Records for the task START

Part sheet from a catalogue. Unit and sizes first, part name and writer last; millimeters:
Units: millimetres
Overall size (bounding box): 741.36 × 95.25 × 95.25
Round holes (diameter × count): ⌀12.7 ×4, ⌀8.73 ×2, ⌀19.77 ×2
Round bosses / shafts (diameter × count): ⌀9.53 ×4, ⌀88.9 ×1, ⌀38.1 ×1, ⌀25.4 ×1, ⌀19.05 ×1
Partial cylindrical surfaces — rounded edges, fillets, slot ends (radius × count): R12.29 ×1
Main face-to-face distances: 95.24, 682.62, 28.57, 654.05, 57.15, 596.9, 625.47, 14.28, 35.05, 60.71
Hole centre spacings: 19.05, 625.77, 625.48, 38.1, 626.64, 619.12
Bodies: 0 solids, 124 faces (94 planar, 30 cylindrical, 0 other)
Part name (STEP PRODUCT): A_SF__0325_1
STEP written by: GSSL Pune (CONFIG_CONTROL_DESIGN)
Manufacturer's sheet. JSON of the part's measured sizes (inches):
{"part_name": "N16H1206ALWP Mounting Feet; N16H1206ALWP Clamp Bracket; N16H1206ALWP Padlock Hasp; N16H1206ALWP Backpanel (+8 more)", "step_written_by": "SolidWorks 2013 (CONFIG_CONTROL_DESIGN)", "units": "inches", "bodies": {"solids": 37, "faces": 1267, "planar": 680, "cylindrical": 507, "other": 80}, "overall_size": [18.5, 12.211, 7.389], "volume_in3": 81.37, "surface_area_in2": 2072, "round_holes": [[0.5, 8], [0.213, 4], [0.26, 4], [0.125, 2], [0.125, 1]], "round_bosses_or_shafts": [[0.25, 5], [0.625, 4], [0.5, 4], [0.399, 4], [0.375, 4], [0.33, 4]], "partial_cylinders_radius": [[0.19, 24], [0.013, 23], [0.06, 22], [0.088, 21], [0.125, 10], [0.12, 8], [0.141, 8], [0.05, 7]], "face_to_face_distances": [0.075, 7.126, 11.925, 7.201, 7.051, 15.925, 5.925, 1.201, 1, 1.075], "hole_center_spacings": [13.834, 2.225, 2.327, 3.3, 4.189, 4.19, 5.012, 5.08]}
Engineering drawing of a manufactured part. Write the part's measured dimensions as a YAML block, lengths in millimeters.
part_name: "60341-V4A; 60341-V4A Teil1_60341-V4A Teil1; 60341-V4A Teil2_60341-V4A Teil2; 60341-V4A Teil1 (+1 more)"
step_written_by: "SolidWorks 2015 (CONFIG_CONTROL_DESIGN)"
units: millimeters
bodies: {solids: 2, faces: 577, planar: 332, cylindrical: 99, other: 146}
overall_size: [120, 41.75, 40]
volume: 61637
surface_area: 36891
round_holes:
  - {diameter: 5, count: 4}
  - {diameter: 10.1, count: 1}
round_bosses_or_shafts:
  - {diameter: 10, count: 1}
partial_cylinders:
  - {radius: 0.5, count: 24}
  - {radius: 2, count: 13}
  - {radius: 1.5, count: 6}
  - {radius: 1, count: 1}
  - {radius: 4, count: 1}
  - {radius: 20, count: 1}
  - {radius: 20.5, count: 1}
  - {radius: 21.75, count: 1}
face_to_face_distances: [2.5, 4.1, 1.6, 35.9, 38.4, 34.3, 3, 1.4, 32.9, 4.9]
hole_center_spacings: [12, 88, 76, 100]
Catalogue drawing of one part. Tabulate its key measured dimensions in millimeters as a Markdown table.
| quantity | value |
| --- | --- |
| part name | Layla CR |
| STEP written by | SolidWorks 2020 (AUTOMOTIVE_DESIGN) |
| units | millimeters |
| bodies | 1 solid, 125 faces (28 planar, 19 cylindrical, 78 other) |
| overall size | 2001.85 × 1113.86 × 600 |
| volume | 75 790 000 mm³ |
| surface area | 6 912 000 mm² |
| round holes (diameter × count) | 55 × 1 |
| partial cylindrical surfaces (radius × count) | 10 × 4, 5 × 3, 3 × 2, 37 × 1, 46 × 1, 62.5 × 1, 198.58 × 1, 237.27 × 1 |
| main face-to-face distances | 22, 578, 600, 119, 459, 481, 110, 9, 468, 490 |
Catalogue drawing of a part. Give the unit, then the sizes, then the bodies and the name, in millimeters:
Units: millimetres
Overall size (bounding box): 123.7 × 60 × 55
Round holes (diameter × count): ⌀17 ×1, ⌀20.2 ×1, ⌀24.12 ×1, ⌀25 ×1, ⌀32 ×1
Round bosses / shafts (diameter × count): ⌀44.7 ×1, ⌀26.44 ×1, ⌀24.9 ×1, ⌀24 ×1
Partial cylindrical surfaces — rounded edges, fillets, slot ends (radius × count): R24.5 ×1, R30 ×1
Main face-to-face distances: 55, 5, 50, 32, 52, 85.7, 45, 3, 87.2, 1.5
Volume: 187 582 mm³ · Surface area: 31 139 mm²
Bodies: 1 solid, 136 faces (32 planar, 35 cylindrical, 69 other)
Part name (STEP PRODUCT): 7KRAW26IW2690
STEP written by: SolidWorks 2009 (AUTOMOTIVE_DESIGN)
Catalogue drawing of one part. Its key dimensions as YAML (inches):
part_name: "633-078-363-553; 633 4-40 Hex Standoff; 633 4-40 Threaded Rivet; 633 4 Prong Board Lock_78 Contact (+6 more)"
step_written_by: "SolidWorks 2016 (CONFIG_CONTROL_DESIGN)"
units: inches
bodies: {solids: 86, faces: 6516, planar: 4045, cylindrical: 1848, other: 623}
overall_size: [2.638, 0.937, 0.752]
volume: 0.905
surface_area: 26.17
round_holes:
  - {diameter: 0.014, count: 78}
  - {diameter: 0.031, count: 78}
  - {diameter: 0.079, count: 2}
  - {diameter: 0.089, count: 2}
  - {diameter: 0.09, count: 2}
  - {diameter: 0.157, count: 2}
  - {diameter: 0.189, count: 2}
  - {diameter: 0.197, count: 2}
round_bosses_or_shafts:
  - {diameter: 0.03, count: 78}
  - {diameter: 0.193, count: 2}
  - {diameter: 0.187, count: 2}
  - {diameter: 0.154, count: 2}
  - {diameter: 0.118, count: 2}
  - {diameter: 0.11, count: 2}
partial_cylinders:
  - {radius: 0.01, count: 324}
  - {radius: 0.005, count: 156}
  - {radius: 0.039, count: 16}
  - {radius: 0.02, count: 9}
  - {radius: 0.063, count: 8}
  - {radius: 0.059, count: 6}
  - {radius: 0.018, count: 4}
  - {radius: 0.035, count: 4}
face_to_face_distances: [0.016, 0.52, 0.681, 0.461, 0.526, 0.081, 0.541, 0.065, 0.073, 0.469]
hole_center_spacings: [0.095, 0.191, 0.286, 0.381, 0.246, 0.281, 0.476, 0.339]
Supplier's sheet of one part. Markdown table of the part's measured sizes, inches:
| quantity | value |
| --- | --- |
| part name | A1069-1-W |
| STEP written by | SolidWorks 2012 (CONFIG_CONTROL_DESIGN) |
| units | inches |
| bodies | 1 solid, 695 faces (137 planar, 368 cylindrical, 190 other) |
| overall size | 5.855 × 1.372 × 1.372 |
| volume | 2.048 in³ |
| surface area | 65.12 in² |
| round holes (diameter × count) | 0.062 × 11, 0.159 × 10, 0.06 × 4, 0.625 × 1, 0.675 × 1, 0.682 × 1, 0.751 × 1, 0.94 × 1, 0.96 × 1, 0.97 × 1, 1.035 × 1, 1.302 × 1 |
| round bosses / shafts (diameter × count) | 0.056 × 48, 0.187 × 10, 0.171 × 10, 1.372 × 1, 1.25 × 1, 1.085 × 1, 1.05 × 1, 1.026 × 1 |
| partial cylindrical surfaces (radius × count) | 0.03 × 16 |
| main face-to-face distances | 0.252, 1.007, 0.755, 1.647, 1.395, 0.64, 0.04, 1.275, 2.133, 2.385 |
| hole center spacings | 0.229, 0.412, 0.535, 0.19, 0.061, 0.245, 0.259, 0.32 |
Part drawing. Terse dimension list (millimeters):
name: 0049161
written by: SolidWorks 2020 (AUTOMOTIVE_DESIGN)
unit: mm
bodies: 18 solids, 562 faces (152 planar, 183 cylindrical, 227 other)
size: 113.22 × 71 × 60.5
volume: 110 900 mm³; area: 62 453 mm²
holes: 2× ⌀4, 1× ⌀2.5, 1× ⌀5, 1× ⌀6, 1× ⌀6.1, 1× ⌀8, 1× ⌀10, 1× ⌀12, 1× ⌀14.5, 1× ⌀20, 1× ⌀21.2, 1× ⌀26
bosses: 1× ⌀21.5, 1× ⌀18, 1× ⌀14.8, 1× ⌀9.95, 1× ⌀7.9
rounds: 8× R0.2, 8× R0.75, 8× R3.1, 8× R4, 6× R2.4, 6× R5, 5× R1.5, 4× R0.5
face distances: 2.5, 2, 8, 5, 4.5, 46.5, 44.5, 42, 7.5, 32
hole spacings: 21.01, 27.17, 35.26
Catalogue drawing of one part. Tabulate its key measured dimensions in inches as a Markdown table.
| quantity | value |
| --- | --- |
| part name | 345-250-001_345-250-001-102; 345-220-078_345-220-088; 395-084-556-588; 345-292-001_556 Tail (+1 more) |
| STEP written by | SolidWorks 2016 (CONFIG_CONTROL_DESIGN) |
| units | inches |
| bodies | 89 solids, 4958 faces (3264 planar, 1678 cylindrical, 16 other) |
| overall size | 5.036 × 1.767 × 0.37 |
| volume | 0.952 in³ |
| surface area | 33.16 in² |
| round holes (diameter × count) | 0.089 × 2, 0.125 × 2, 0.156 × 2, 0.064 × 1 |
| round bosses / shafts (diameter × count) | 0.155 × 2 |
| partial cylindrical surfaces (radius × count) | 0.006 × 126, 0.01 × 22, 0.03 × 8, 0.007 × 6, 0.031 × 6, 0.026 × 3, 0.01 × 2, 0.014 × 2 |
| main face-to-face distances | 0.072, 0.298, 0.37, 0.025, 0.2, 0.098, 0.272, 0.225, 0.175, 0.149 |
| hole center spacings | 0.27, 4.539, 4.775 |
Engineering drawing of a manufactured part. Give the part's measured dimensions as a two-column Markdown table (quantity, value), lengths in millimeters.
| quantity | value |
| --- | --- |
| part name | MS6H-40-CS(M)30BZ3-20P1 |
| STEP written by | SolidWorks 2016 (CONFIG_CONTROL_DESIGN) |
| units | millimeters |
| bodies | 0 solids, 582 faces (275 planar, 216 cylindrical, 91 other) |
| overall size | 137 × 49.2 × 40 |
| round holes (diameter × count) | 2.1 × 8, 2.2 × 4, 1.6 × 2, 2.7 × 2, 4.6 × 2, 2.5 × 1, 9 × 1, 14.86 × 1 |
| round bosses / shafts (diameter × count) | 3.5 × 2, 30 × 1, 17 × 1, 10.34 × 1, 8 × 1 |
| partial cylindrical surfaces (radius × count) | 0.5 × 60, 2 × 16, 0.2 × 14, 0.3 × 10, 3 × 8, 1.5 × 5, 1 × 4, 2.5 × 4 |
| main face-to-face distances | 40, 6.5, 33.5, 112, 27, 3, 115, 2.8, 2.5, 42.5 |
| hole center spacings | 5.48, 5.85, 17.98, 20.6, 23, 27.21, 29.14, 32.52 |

Records for the task END

Exercise requirements: Every line above holding the string "surfaces" should be listed.

Finished exercise:
Partial cylindrical surfaces — rounded edges, fillets, slot ends (radius × count): R12.29 ×1
| partial cylindrical surfaces (radius × count) | 10 × 4, 5 × 3, 3 × 2, 37 × 1, 46 × 1, 62.5 × 1, 198.58 × 1, 237.27 × 1 |
Partial cylindrical surfaces — rounded edges, fillets, slot ends (radius × count): R24.5 ×1, R30 ×1
| partial cylindrical surfaces (radius × count) | 0.03 × 16 |
| partial cylindrical surfaces (radius × count) | 0.006 × 126, 0.01 × 22, 0.03 × 8, 0.007 × 6, 0.031 × 6, 0.026 × 3, 0.01 × 2, 0.014 × 2 |
| partial cylindrical surfaces (radius × count) | 0.5 × 60, 2 × 16, 0.2 × 14, 0.3 × 10, 3 × 8, 1.5 × 5, 1 × 4, 2.5 × 4 |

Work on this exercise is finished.